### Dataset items
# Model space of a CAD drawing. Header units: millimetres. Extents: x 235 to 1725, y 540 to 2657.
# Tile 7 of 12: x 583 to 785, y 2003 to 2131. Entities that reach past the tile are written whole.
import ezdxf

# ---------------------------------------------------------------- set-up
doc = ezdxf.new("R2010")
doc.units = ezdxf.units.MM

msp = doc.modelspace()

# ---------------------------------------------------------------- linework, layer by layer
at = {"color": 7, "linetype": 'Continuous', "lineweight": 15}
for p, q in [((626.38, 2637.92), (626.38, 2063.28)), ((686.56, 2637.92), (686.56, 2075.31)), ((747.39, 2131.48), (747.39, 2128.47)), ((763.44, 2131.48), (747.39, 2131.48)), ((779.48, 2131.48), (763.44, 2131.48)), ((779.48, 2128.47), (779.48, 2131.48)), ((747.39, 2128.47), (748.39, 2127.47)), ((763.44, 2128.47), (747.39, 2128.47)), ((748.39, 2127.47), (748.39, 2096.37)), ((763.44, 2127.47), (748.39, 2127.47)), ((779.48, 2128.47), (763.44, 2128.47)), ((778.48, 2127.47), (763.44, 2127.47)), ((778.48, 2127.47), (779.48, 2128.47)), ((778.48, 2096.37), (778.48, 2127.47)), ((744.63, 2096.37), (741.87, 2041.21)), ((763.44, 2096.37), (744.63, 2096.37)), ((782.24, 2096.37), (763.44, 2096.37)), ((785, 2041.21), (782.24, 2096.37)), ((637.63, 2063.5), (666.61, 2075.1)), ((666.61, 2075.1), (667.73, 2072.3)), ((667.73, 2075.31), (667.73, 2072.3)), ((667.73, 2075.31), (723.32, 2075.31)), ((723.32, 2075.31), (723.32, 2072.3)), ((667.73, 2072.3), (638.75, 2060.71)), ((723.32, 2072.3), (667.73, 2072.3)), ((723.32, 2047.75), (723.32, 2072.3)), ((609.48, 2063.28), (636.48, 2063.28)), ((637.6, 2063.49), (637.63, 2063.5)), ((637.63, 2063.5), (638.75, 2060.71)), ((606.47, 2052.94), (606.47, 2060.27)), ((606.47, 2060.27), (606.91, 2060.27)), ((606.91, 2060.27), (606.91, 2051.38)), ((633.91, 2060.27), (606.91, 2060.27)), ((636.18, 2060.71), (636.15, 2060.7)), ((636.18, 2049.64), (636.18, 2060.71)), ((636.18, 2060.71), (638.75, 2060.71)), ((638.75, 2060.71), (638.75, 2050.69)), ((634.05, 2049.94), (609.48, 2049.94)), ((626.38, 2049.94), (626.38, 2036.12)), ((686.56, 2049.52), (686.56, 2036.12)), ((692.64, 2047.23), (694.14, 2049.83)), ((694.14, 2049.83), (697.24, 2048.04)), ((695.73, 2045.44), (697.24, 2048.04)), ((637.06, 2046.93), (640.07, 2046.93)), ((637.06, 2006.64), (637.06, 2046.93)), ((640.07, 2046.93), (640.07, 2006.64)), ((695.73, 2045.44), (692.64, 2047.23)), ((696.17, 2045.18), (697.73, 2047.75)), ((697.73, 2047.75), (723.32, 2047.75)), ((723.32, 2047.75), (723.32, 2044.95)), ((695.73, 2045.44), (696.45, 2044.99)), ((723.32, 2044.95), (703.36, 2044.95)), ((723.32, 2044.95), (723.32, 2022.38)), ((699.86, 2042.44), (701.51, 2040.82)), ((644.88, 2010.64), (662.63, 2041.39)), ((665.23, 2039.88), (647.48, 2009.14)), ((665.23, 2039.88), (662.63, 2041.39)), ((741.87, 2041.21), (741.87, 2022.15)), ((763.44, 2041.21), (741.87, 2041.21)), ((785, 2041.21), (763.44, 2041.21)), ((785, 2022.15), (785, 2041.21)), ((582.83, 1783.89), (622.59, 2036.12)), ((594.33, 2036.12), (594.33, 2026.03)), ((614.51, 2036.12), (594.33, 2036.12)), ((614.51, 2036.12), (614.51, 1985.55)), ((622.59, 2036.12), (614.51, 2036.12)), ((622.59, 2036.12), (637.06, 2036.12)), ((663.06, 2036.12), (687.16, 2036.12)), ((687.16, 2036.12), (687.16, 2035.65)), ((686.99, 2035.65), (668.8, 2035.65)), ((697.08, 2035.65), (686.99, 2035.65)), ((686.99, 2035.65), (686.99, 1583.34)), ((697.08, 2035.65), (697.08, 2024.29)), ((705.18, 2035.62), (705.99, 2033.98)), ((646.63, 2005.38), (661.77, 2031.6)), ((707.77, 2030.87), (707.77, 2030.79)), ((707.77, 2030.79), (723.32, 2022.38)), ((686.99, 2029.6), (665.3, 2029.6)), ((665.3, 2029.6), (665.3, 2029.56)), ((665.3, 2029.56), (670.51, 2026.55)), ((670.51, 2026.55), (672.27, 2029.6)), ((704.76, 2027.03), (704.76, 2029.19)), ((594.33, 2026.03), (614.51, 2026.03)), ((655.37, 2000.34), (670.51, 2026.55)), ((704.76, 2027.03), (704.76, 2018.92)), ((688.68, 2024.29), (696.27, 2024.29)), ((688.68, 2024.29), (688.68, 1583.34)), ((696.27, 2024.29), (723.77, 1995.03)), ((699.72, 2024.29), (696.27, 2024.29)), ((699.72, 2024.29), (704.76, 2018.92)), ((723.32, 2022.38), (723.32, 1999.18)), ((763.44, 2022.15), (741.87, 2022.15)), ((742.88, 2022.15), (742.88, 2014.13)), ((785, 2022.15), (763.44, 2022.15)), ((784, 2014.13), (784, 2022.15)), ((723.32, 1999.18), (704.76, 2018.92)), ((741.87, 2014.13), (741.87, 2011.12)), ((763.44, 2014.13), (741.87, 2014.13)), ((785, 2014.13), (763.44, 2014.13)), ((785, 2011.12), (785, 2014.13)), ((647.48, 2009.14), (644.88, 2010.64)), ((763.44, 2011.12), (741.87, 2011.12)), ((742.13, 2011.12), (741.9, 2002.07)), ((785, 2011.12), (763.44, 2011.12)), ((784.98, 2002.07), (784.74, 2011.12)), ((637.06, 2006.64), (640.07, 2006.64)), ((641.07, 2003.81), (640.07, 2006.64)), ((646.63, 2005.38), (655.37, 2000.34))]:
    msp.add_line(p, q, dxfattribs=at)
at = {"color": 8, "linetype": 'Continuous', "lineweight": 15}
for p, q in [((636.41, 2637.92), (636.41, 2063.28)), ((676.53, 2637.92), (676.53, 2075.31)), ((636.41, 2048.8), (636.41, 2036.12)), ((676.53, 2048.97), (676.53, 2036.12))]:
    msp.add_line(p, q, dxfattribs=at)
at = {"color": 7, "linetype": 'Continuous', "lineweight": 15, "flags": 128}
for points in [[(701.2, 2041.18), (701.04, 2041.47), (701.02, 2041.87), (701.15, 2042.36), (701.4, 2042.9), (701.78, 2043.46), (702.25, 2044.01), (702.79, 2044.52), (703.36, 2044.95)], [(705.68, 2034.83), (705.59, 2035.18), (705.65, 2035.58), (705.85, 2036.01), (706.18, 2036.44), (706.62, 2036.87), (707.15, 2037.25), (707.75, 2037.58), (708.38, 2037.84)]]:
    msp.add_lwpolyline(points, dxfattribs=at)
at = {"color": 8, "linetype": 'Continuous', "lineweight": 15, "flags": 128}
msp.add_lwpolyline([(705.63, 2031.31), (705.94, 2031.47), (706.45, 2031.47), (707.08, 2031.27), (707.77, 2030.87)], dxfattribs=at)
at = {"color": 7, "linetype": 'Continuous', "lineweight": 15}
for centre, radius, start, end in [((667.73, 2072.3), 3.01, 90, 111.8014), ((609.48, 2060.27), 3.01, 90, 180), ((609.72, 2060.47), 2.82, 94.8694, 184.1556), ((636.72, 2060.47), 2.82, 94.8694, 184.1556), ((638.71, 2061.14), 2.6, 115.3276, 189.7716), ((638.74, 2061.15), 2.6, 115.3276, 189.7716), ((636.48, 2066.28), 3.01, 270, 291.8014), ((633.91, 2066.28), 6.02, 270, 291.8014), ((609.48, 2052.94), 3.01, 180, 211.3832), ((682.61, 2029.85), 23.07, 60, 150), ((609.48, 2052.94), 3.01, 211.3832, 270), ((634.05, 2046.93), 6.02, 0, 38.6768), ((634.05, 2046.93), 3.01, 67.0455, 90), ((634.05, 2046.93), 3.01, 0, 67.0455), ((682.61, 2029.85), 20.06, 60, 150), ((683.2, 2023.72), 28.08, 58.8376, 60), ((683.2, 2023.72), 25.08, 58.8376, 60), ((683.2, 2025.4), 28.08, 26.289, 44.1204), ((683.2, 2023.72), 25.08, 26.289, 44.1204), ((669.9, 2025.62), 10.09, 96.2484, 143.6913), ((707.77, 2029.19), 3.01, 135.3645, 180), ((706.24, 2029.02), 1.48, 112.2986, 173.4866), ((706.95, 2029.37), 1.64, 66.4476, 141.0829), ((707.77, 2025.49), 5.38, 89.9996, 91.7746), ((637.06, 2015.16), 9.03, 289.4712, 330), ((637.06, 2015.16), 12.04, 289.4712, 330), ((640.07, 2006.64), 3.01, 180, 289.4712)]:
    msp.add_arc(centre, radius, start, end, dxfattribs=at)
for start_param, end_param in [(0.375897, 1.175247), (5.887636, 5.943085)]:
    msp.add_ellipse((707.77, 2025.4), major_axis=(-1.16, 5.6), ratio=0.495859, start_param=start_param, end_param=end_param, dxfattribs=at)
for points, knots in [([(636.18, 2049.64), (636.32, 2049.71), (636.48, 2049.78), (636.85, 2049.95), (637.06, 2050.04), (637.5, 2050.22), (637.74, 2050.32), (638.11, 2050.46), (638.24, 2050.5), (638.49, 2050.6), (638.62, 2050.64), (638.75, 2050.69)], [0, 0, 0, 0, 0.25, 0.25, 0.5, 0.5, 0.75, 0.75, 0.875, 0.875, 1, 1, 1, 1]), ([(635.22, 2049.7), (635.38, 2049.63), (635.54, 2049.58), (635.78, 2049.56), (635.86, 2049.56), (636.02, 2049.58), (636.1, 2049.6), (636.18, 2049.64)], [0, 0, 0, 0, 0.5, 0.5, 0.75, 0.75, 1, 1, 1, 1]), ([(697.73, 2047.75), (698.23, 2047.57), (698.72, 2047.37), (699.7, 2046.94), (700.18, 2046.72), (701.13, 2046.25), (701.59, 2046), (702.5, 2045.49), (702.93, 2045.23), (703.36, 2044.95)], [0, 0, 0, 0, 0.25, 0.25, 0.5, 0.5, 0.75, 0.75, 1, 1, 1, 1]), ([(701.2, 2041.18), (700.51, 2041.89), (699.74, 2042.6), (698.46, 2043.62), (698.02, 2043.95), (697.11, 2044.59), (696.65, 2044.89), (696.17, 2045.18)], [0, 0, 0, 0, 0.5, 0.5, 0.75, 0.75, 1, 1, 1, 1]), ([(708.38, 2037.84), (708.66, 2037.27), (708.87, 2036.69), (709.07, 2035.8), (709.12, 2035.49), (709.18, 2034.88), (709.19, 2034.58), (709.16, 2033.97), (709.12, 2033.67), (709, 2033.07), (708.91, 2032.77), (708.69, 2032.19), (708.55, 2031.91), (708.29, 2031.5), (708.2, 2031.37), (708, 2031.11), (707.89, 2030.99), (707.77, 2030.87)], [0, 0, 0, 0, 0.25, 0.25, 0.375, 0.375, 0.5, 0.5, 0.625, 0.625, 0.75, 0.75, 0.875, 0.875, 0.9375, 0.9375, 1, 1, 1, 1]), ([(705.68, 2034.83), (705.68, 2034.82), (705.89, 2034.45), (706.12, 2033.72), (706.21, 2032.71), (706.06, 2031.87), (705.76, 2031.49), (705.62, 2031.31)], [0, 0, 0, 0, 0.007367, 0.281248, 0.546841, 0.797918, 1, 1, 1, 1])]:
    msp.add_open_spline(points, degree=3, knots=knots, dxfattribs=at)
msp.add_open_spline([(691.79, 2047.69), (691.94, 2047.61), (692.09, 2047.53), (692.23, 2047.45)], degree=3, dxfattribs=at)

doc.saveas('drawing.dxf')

### Problem to solve
Wherever the string "color" appears in the data above, copy the line it sits in.

### Finished exercise
at = {"color": 7, "linetype": 'Continuous', "lineweight": 15}
at = {"color": 8, "linetype": 'Continuous', "lineweight": 15}
at = {"color": 7, "linetype": 'Continuous', "lineweight": 15, "flags": 128}
at = {"color": 8, "linetype": 'Continuous', "lineweight": 15, "flags": 128}
at = {"color": 7, "linetype": 'Continuous', "lineweight": 15}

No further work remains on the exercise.